From the records below, copy each line that has the word "origin" in it.

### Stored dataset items
=== Section Start ===

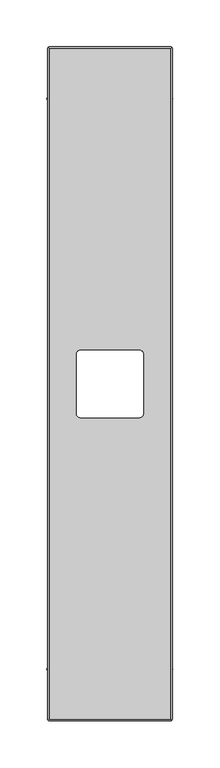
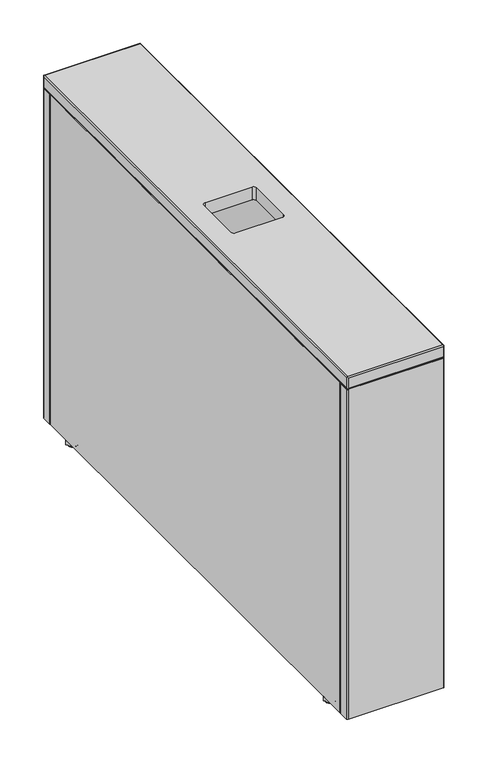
"""IFC4 building model written with IfcOpenShell, lengths in millimetres: furniture geometry, FREZZA_POP AD_Carter_for desk : Bracket_ZGBI - Embossed White."""

from ifc_helpers import new_model, si_unit, point, frame, frame_2d, origin, place, context, project, spatial, polyline, circle_curve, ellipse_curve, trimmed, segment, composite_curve, outline, extrude, source, transform, mapped, element, save
from ifc_brep_helpers import plane_surface, cylinder_surface, revolved_surface, advanced_brep


def furniture_3cd2dab1(model_context):
    return source(origin(), model_context, "Body", "SolidModel", [
        advanced_brep(
        [(1738.25, -743.75, 0.0), (1750.75, -743.75, 0.0), (1744.5, -743.75, 0.0), (1737.25, -743.75, 1.0), (1751.75, -743.75, 1.0), (1737.25, -743.75, 2.5), (1751.75, -743.75, 2.5), (1744.5, -743.75, 2.5)],
        [
            (0, 1, circle_curve(frame((1744.5, -743.75, 0.0), z_axis=(0.0, 0.0, -1.0), x_axis=(1.0, 0.0, 0.0)), 6.25)),
            (1, 2),
            (2, 0),
            (1, 0, circle_curve(frame((1744.5, -743.75, 0.0), z_axis=(0.0, 0.0, -1.0), x_axis=(1.0, 0.0, 0.0)), 6.25)),
            (3, 4, circle_curve(frame((1744.5, -743.75, 1.0), z_axis=(0.0, 0.0, -1.0), x_axis=(1.0, 0.0, 0.0)), 7.25)),
            (4, 1, circle_curve(frame((1750.75, -743.75, 1.0), z_axis=(0.0, 1.0, 0.0), x_axis=(1.0, 0.0, 0.0)), 1.0)),
            (0, 3, circle_curve(frame((1738.25, -743.75, 1.0), z_axis=(0.0, 1.0, 0.0), x_axis=(-1.0, 0.0, 0.0)), 1.0)),
            (4, 3, circle_curve(frame((1744.5, -743.75, 1.0), z_axis=(0.0, 0.0, -1.0), x_axis=(1.0, 0.0, 0.0)), 7.25)),
            (5, 6, circle_curve(frame((1744.5, -743.75, 2.5), z_axis=(0.0, 0.0, -1.0), x_axis=(1.0, 0.0, 0.0)), 7.25)),
            (6, 4),
            (3, 5),
            (6, 5, circle_curve(frame((1744.5, -743.75, 2.5), z_axis=(0.0, 0.0, -1.0), x_axis=(1.0, 0.0, 0.0)), 7.25)),
            (7, 6),
            (5, 7),
        ],
        [
            plane_surface(frame((1744.5, -743.75, 0.0), z_axis=(0.0, 0.0, -1.0), x_axis=(1.0, 0.0, 0.0))),
            revolved_surface(trimmed(ellipse_curve(frame((1750.75, -743.75, 1.0), z_axis=(0.0, -1.0, 0.0), x_axis=(1.0, 0.0, 0.0)), 1.0, 1.0), [point((1750.75, -743.75, 0.0))], [point((1751.75, -743.75, 1.0))], True, "CARTESIAN"), (1744.5, -743.75, 2.5), (0.0, 0.0, 1.0)),
            cylinder_surface(frame((1744.5, -743.75, 2.5), z_axis=(0.0, 0.0, 1.0), x_axis=(1.0, 0.0, 0.0)), 7.25),
            plane_surface(frame((1744.5, -743.75, 2.5), z_axis=(0.0, 0.0, 1.0), x_axis=(1.0, 0.0, 0.0))),
        ],
        [
            (0, [[1, 2, 3]]),
            (0, [[4, -3, -2]]),
            (1, [[5, 6, -1, 7]]),
            (1, [[8, -7, -4, -6]]),
            (2, [[9, 10, -5, 11]]),
            (2, [[12, -11, -8, -10]]),
            (3, [[13, -9, 14]]),
            (3, [[-14, -12, -13]]),
        ],
    ),
        extrude(outline(polyline([(1749.4074773, -735.25), (1754.3149546, -743.75), (1749.4074773, -752.25), (1739.5925227, -752.25), (1734.6850454, -743.75), (1739.5925227, -735.25), (1749.4074773, -735.25)])), frame((0.0, 0.0, 2.5), z_axis=(0.0, 0.0, 1.0), x_axis=(1.0, 0.0, 0.0)), (0.0, 0.0, 1.0), 5.5),
        advanced_brep(
        [(1629.5, -743.75, 0.0), (1623.25, -743.75, 0.0), (1635.75, -743.75, 0.0), (1622.25, -743.75, 1.0), (1636.75, -743.75, 1.0), (1622.25, -743.75, 2.5), (1636.75, -743.75, 2.5), (1629.5, -743.75, 2.5)],
        [
            (0, 1),
            (1, 2, circle_curve(frame((1629.5, -743.75, 0.0), z_axis=(0.0, 0.0, -1.0), x_axis=(-1.0, 0.0, 0.0)), 6.25)),
            (2, 0),
            (2, 1, circle_curve(frame((1629.5, -743.75, 0.0), z_axis=(0.0, 0.0, -1.0), x_axis=(-1.0, 0.0, 0.0)), 6.25)),
            (1, 3, circle_curve(frame((1623.25, -743.75, 1.0), z_axis=(0.0, 1.0, 0.0), x_axis=(-1.0, 0.0, 0.0)), 1.0)),
            (3, 4, circle_curve(frame((1629.5, -743.75, 1.0), z_axis=(0.0, 0.0, -1.0), x_axis=(-1.0, 0.0, 0.0)), 7.25)),
            (4, 2, circle_curve(frame((1635.75, -743.75, 1.0), z_axis=(0.0, 1.0, 0.0), x_axis=(1.0, 0.0, 0.0)), 1.0)),
            (4, 3, circle_curve(frame((1629.5, -743.75, 1.0), z_axis=(0.0, 0.0, -1.0), x_axis=(-1.0, 0.0, 0.0)), 7.25)),
            (3, 5),
            (5, 6, circle_curve(frame((1629.5, -743.75, 2.5), z_axis=(0.0, 0.0, -1.0), x_axis=(-1.0, 0.0, 0.0)), 7.25)),
            (6, 4),
            (6, 5, circle_curve(frame((1629.5, -743.75, 2.5), z_axis=(0.0, 0.0, -1.0), x_axis=(-1.0, 0.0, 0.0)), 7.25)),
            (5, 7),
            (7, 6),
        ],
        [
            plane_surface(frame((1629.5, -743.75, 0.0), z_axis=(0.0, 0.0, -1.0), x_axis=(-1.0, 0.0, 0.0))),
            revolved_surface(trimmed(ellipse_curve(frame((1623.25, -743.75, 1.0), z_axis=(0.0, -1.0, 0.0), x_axis=(-1.0, 0.0, 0.0)), 1.0, 1.0), [point((1622.25, -743.75, 1.0))], [point((1623.25, -743.75, 0.0))], True, "CARTESIAN"), (1629.5, -743.75, 2.5), (0.0, 0.0, -1.0)),
            cylinder_surface(frame((1629.5, -743.75, 2.5), z_axis=(0.0, 0.0, -1.0), x_axis=(-1.0, 0.0, 0.0)), 7.25),
            plane_surface(frame((1629.5, -743.75, 2.5), z_axis=(0.0, 0.0, 1.0), x_axis=(-1.0, 0.0, 0.0))),
        ],
        [
            (0, [[1, 2, 3]]),
            (0, [[-3, 4, -1]]),
            (1, [[-2, 5, 6, 7]]),
            (1, [[-4, -7, 8, -5]]),
            (2, [[-6, 9, 10, 11]]),
            (2, [[-8, -11, 12, -9]]),
            (3, [[-10, 13, 14]]),
            (3, [[-12, -14, -13]]),
        ],
    ),
        extrude(outline(polyline([(1624.5925227, -735.25), (1634.4074773, -735.25), (1639.3149546, -743.75), (1634.4074773, -752.25), (1624.5925227, -752.25), (1619.6850454, -743.75), (1624.5925227, -735.25)])), frame((0.0, 0.0, 2.5), z_axis=(0.0, 0.0, 1.0), x_axis=(1.0, 0.0, 0.0)), (0.0, 0.0, 1.0), 5.5),
        advanced_brep(
        [(1744.5, -135.75, 0.0), (1750.75, -135.75, 0.0), (1738.25, -135.75, 0.0), (1751.75, -135.75, 1.0), (1737.25, -135.75, 1.0), (1751.75, -135.75, 2.5), (1737.25, -135.75, 2.5), (1744.5, -135.75, 2.5)],
        [
            (0, 1),
            (1, 2, circle_curve(frame((1744.5, -135.75, 0.0), z_axis=(0.0, 0.0, -1.0), x_axis=(1.0, 0.0, 0.0)), 6.25)),
            (2, 0),
            (2, 1, circle_curve(frame((1744.5, -135.75, 0.0), z_axis=(0.0, 0.0, -1.0), x_axis=(1.0, 0.0, 0.0)), 6.25)),
            (1, 3, circle_curve(frame((1750.75, -135.75, 1.0), z_axis=(0.0, -1.0, 0.0), x_axis=(1.0, 0.0, 0.0)), 1.0)),
            (3, 4, circle_curve(frame((1744.5, -135.75, 1.0), z_axis=(0.0, 0.0, -1.0), x_axis=(1.0, 0.0, 0.0)), 7.25)),
            (4, 2, circle_curve(frame((1738.25, -135.75, 1.0), z_axis=(0.0, -1.0, 0.0), x_axis=(-1.0, 0.0, 0.0)), 1.0)),
            (4, 3, circle_curve(frame((1744.5, -135.75, 1.0), z_axis=(0.0, 0.0, -1.0), x_axis=(1.0, 0.0, 0.0)), 7.25)),
            (3, 5),
            (5, 6, circle_curve(frame((1744.5, -135.75, 2.5), z_axis=(0.0, 0.0, -1.0), x_axis=(1.0, 0.0, 0.0)), 7.25)),
            (6, 4),
            (6, 5, circle_curve(frame((1744.5, -135.75, 2.5), z_axis=(0.0, 0.0, -1.0), x_axis=(1.0, 0.0, 0.0)), 7.25)),
            (5, 7),
            (7, 6),
        ],
        [
            plane_surface(frame((1744.5, -135.75, 0.0), z_axis=(0.0, 0.0, -1.0), x_axis=(1.0, 0.0, 0.0))),
            revolved_surface(trimmed(ellipse_curve(frame((1750.75, -135.75, 1.0), z_axis=(0.0, 1.0, 0.0), x_axis=(1.0, 0.0, 0.0)), 1.0, 1.0), [point((1751.75, -135.75, 1.0))], [point((1750.75, -135.75, 0.0))], True, "CARTESIAN"), (1744.5, -135.75, 2.5), (0.0, 0.0, -1.0)),
            cylinder_surface(frame((1744.5, -135.75, 2.5), z_axis=(0.0, 0.0, -1.0), x_axis=(1.0, 0.0, 0.0)), 7.25),
            plane_surface(frame((1744.5, -135.75, 2.5), z_axis=(0.0, 0.0, 1.0), x_axis=(1.0, 0.0, 0.0))),
        ],
        [
            (0, [[1, 2, 3]]),
            (0, [[-3, 4, -1]]),
            (1, [[-2, 5, 6, 7]]),
            (1, [[-4, -7, 8, -5]]),
            (2, [[-6, 9, 10, 11]]),
            (2, [[-8, -11, 12, -9]]),
            (3, [[-10, 13, 14]]),
            (3, [[-12, -14, -13]]),
        ],
    ),
        extrude(outline(polyline([(1749.4074773, -144.25), (1739.5925227, -144.25), (1734.6850454, -135.75), (1739.5925227, -127.25), (1749.4074773, -127.25), (1754.3149546, -135.75), (1749.4074773, -144.25)])), frame((0.0, 0.0, 2.5), z_axis=(0.0, 0.0, 1.0), x_axis=(1.0, 0.0, 0.0)), (0.0, 0.0, 1.0), 5.5),
        advanced_brep(
        [(1635.75, -135.75, 0.0), (1623.25, -135.75, 0.0), (1629.5, -135.75, 0.0), (1636.75, -135.75, 1.0), (1622.25, -135.75, 1.0), (1636.75, -135.75, 2.5), (1622.25, -135.75, 2.5), (1629.5, -135.75, 2.5)],
        [
            (0, 1, circle_curve(frame((1629.5, -135.75, 0.0), z_axis=(0.0, 0.0, -1.0), x_axis=(-1.0, 0.0, 0.0)), 6.25)),
            (1, 2),
            (2, 0),
            (1, 0, circle_curve(frame((1629.5, -135.75, 0.0), z_axis=(0.0, 0.0, -1.0), x_axis=(-1.0, 0.0, 0.0)), 6.25)),
            (3, 4, circle_curve(frame((1629.5, -135.75, 1.0), z_axis=(0.0, 0.0, -1.0), x_axis=(-1.0, 0.0, 0.0)), 7.25)),
            (4, 1, circle_curve(frame((1623.25, -135.75, 1.0), z_axis=(0.0, -1.0, 0.0), x_axis=(-1.0, 0.0, 0.0)), 1.0)),
            (0, 3, circle_curve(frame((1635.75, -135.75, 1.0), z_axis=(0.0, -1.0, 0.0), x_axis=(1.0, 0.0, 0.0)), 1.0)),
            (4, 3, circle_curve(frame((1629.5, -135.75, 1.0), z_axis=(0.0, 0.0, -1.0), x_axis=(-1.0, 0.0, 0.0)), 7.25)),
            (5, 6, circle_curve(frame((1629.5, -135.75, 2.5), z_axis=(0.0, 0.0, -1.0), x_axis=(-1.0, 0.0, 0.0)), 7.25)),
            (6, 4),
            (3, 5),
            (6, 5, circle_curve(frame((1629.5, -135.75, 2.5), z_axis=(0.0, 0.0, -1.0), x_axis=(-1.0, 0.0, 0.0)), 7.25)),
            (7, 6),
            (5, 7),
        ],
        [
            plane_surface(frame((1629.5, -135.75, 0.0), z_axis=(0.0, 0.0, -1.0), x_axis=(-1.0, 0.0, 0.0))),
            revolved_surface(trimmed(ellipse_curve(frame((1623.25, -135.75, 1.0), z_axis=(0.0, 1.0, 0.0), x_axis=(-1.0, 0.0, 0.0)), 1.0, 1.0), [point((1623.25, -135.75, 0.0))], [point((1622.25, -135.75, 1.0))], True, "CARTESIAN"), (1629.5, -135.75, 2.5), (0.0, 0.0, 1.0)),
            cylinder_surface(frame((1629.5, -135.75, 2.5), z_axis=(0.0, 0.0, 1.0), x_axis=(-1.0, 0.0, 0.0)), 7.25),
            plane_surface(frame((1629.5, -135.75, 2.5), z_axis=(0.0, 0.0, 1.0), x_axis=(-1.0, 0.0, 0.0))),
        ],
        [
            (0, [[1, 2, 3]]),
            (0, [[4, -3, -2]]),
            (1, [[5, 6, -1, 7]]),
            (1, [[8, -7, -4, -6]]),
            (2, [[9, 10, -5, 11]]),
            (2, [[12, -11, -8, -10]]),
            (3, [[13, -9, 14]]),
            (3, [[-14, -12, -13]]),
        ],
    ),
        extrude(outline(polyline([(1624.5925227, -144.25), (1619.6850454, -135.75), (1624.5925227, -127.25), (1634.4074773, -127.25), (1639.3149546, -135.75), (1634.4074773, -144.25), (1624.5925227, -144.25)])), frame((0.0, 0.0, 2.5), z_axis=(0.0, 0.0, 1.0), x_axis=(1.0, 0.0, 0.0)), (0.0, 0.0, 1.0), 5.5),
        advanced_brep(
        [(1751.5, -796.75, 483.0), (1622.5, -796.75, 483.0), (1622.5, -82.75, 483.0), (1751.5, -82.75, 483.0), (1718.75, -404.0, 483.0), (1655.25, -404.0, 483.0), (1651.25, -408.0, 483.0), (1651.25, -471.5, 483.0), (1655.25, -475.5, 483.0), (1718.75, -475.5, 483.0), (1722.75, -471.5, 483.0), (1722.75, -408.0, 483.0), (1622.5, -796.75, 501.0), (1751.5, -796.75, 501.0), (1751.5, -82.75, 501.0), (1622.5, -82.75, 501.0), (1655.25, -404.0, 501.0), (1718.75, -404.0, 501.0), (1722.75, -408.0, 501.0), (1722.75, -471.5, 501.0), (1718.75, -475.5, 501.0), (1655.25, -475.5, 501.0), (1651.25, -471.5, 501.0), (1651.25, -408.0, 501.0), (1753.5, -82.75, 499.0), (1753.5, -82.75, 485.0), (1752.9142136, -81.3357864, 483.5857864), (1751.5, -80.75, 485.0), (1751.5, -80.75, 499.0), (1752.9142136, -81.3357864, 500.4142136), (1622.5, -80.75, 485.0), (1622.5, -80.75, 499.0), (1621.0857864, -81.3357864, 483.5857864), (1620.5, -82.75, 485.0), (1620.5, -82.75, 499.0), (1621.0857864, -81.3357864, 500.4142136), (1620.5, -796.75, 485.0), (1620.5, -796.75, 499.0), (1621.0857864, -798.1642136, 483.5857864), (1622.5, -798.75, 485.0), (1622.5, -798.75, 499.0), (1621.0857864, -798.1642136, 500.4142136), (1751.5, -798.75, 485.0), (1751.5, -798.75, 499.0), (1752.9142136, -798.1642136, 483.5857864), (1753.5, -796.75, 485.0), (1753.5, -796.75, 499.0), (1752.9142136, -798.1642136, 500.4142136)],
        [
            (0, 1),
            (1, 2),
            (2, 3),
            (3, 0),
            (4, 5),
            (5, 6, circle_curve(frame((1655.25, -408.0, 483.0), z_axis=(0.0, 0.0, 1.0), x_axis=(1.0, 0.0, 0.0)), 4.0)),
            (6, 7),
            (7, 8, circle_curve(frame((1655.25, -471.5, 483.0), z_axis=(0.0, 0.0, 1.0), x_axis=(1.0, 0.0, 0.0)), 4.0)),
            (8, 9),
            (9, 10, circle_curve(frame((1718.75, -471.5, 483.0), z_axis=(0.0, 0.0, 1.0), x_axis=(1.0, 0.0, 0.0)), 4.0)),
            (10, 11),
            (11, 4, circle_curve(frame((1718.75, -408.0, 483.0), z_axis=(0.0, 0.0, 1.0), x_axis=(1.0, 0.0, 0.0)), 4.0)),
            (12, 13),
            (13, 14),
            (14, 15),
            (15, 12),
            (16, 17),
            (17, 18, circle_curve(frame((1718.75, -408.0, 501.0), z_axis=(0.0, 0.0, -1.0), x_axis=(1.0, 0.0, 0.0)), 4.0)),
            (18, 19),
            (19, 20, circle_curve(frame((1718.75, -471.5, 501.0), z_axis=(0.0, 0.0, -1.0), x_axis=(1.0, 0.0, 0.0)), 4.0)),
            (20, 21),
            (21, 22, circle_curve(frame((1655.25, -471.5, 501.0), z_axis=(0.0, 0.0, -1.0), x_axis=(1.0, 0.0, 0.0)), 4.0)),
            (22, 23),
            (23, 16, circle_curve(frame((1655.25, -408.0, 501.0), z_axis=(0.0, 0.0, -1.0), x_axis=(1.0, 0.0, 0.0)), 4.0)),
            (24, 25),
            (25, 26, ellipse_curve(frame((1751.5, -82.75, 485.0), z_axis=(0.0, 0.7071067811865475, 0.7071067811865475), x_axis=(0.0, -0.7071067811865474, 0.7071067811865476)), 2.8284271, 2.0)),
            (26, 27, ellipse_curve(frame((1751.5, -82.75, 485.0), z_axis=(0.7071067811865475, 0.0, 0.7071067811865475), x_axis=(-0.7071067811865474, 0.0, 0.7071067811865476)), 2.8284271, 2.0)),
            (27, 28),
            (28, 29, ellipse_curve(frame((1751.5, -82.75, 499.0), z_axis=(0.7071067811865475, 0.0, -0.7071067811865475), x_axis=(0.7071067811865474, 0.0, 0.7071067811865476)), 2.8284271, 2.0)),
            (29, 24, ellipse_curve(frame((1751.5, -82.75, 499.0), z_axis=(0.0, 0.7071067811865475, -0.7071067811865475), x_axis=(0.0, 0.7071067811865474, 0.7071067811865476)), 2.8284271, 2.0)),
            (27, 30),
            (30, 31),
            (31, 28),
            (30, 32, ellipse_curve(frame((1622.5, -82.75, 485.0), z_axis=(-0.7071067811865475, 0.0, 0.7071067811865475), x_axis=(0.7071067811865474, 0.0, 0.7071067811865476)), 2.8284271, 2.0)),
            (32, 33, ellipse_curve(frame((1622.5, -82.75, 485.0), z_axis=(0.0, 0.7071067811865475, 0.7071067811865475), x_axis=(0.0, -0.7071067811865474, 0.7071067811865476)), 2.8284271, 2.0)),
            (33, 34),
            (34, 35, ellipse_curve(frame((1622.5, -82.75, 499.0), z_axis=(0.0, 0.7071067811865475, -0.7071067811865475), x_axis=(0.0, 0.7071067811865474, 0.7071067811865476)), 2.8284271, 2.0)),
            (35, 31, ellipse_curve(frame((1622.5, -82.75, 499.0), z_axis=(-0.7071067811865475, 0.0, -0.7071067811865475), x_axis=(-0.7071067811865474, 0.0, 0.7071067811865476)), 2.8284271, 2.0)),
            (33, 36),
            (36, 37),
            (37, 34),
            (36, 38, ellipse_curve(frame((1622.5, -796.75, 485.0), z_axis=(0.0, -0.7071067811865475, 0.7071067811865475), x_axis=(0.0, 0.7071067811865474, 0.7071067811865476)), 2.8284271, 2.0)),
            (38, 39, ellipse_curve(frame((1622.5, -796.75, 485.0), z_axis=(-0.7071067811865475, 0.0, 0.7071067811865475), x_axis=(0.7071067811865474, 0.0, 0.7071067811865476)), 2.8284271, 2.0)),
            (39, 40),
            (40, 41, ellipse_curve(frame((1622.5, -796.75, 499.0), z_axis=(-0.7071067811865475, 0.0, -0.7071067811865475), x_axis=(-0.7071067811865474, 0.0, 0.7071067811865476)), 2.8284271, 2.0)),
            (41, 37, ellipse_curve(frame((1622.5, -796.75, 499.0), z_axis=(0.0, -0.7071067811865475, -0.7071067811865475), x_axis=(0.0, -0.7071067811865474, 0.7071067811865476)), 2.8284271, 2.0)),
            (39, 42),
            (42, 43),
            (43, 40),
            (42, 44, ellipse_curve(frame((1751.5, -796.75, 485.0), z_axis=(0.7071067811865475, 0.0, 0.7071067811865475), x_axis=(-0.7071067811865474, 0.0, 0.7071067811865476)), 2.8284271, 2.0)),
            (44, 45, ellipse_curve(frame((1751.5, -796.75, 485.0), z_axis=(0.0, -0.7071067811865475, 0.7071067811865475), x_axis=(0.0, 0.7071067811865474, 0.7071067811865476)), 2.8284271, 2.0)),
            (45, 46),
            (46, 47, ellipse_curve(frame((1751.5, -796.75, 499.0), z_axis=(0.0, -0.7071067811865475, -0.7071067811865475), x_axis=(0.0, -0.7071067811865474, 0.7071067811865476)), 2.8284271, 2.0)),
            (47, 43, ellipse_curve(frame((1751.5, -796.75, 499.0), z_axis=(0.7071067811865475, 0.0, -0.7071067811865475), x_axis=(0.7071067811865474, 0.0, 0.7071067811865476)), 2.8284271, 2.0)),
            (24, 46),
            (45, 25),
            (12, 41, ellipse_curve(frame((1622.5, -796.75, 499.0), z_axis=(0.7071067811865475, -0.7071067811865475, 0.0), x_axis=(-0.7071067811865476, -0.7071067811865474, 0.0)), 2.8284271, 2.0)),
            (47, 13, ellipse_curve(frame((1751.5, -796.75, 499.0), z_axis=(-0.7071067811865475, -0.7071067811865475, 0.0), x_axis=(-0.7071067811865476, 0.7071067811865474, 0.0)), 2.8284271, 2.0)),
            (38, 1, ellipse_curve(frame((1622.5, -796.75, 485.0), z_axis=(0.7071067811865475, -0.7071067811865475, 0.0), x_axis=(-0.7071067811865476, -0.7071067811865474, 0.0)), 2.8284271, 2.0)),
            (0, 44, ellipse_curve(frame((1751.5, -796.75, 485.0), z_axis=(-0.7071067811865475, -0.7071067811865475, 0.0), x_axis=(-0.7071067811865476, 0.7071067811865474, 0.0)), 2.8284271, 2.0)),
            (15, 35, ellipse_curve(frame((1622.5, -82.75, 499.0), z_axis=(-0.7071067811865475, -0.7071067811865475, 0.0), x_axis=(-0.7071067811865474, 0.7071067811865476, 0.0)), 2.8284271, 2.0)),
            (32, 2, ellipse_curve(frame((1622.5, -82.75, 485.0), z_axis=(-0.7071067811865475, -0.7071067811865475, 0.0), x_axis=(-0.7071067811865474, 0.7071067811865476, 0.0)), 2.8284271, 2.0)),
            (14, 29, ellipse_curve(frame((1751.5, -82.75, 499.0), z_axis=(-0.7071067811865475, 0.7071067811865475, 0.0), x_axis=(0.7071067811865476, 0.7071067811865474, 0.0)), 2.8284271, 2.0)),
            (26, 3, ellipse_curve(frame((1751.5, -82.75, 485.0), z_axis=(-0.7071067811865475, 0.7071067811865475, 0.0), x_axis=(0.7071067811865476, 0.7071067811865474, 0.0)), 2.8284271, 2.0)),
            (4, 17),
            (16, 5),
            (23, 6),
            (22, 7),
            (21, 8),
            (20, 9),
            (19, 10),
            (18, 11),
        ],
        [
            plane_surface(frame((1751.5, -84.75, 483.0), z_axis=(0.0, 0.0, -1.0), x_axis=(-1.0, 0.0, 0.0))),
            plane_surface(frame((1751.5, -84.75, 501.0), z_axis=(0.0, 0.0, 1.0), x_axis=(1.0, 0.0, 0.0))),
            cylinder_surface(frame((1751.5, -82.75, 483.0), z_axis=(0.0, 0.0, 1.0), x_axis=(0.0, -1.0, 0.0)), 2.0),
            plane_surface(frame((1751.5, -80.75, 501.0), z_axis=(0.0, 1.0, 0.0), x_axis=(0.0, 0.0, -1.0))),
            cylinder_surface(frame((1622.5, -82.75, 483.0), z_axis=(0.0, 0.0, 1.0), x_axis=(0.0, -1.0, 0.0)), 2.0),
            plane_surface(frame((1620.5, -82.75, 501.0), z_axis=(-1.0, 0.0, 0.0), x_axis=(0.0, 0.0, -1.0))),
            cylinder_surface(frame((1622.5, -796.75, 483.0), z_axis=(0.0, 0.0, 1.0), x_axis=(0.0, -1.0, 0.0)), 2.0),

=== Section End ===

### RESULT
from ifc_helpers import new_model, si_unit, point, frame, frame_2d, origin, place, context, project, spatial, polyline, circle_curve, ellipse_curve, trimmed, segment, composite_curve, outline, extrude, source, transform, mapped, element, save
    return source(origin(), model_context, "Body", "SolidModel", [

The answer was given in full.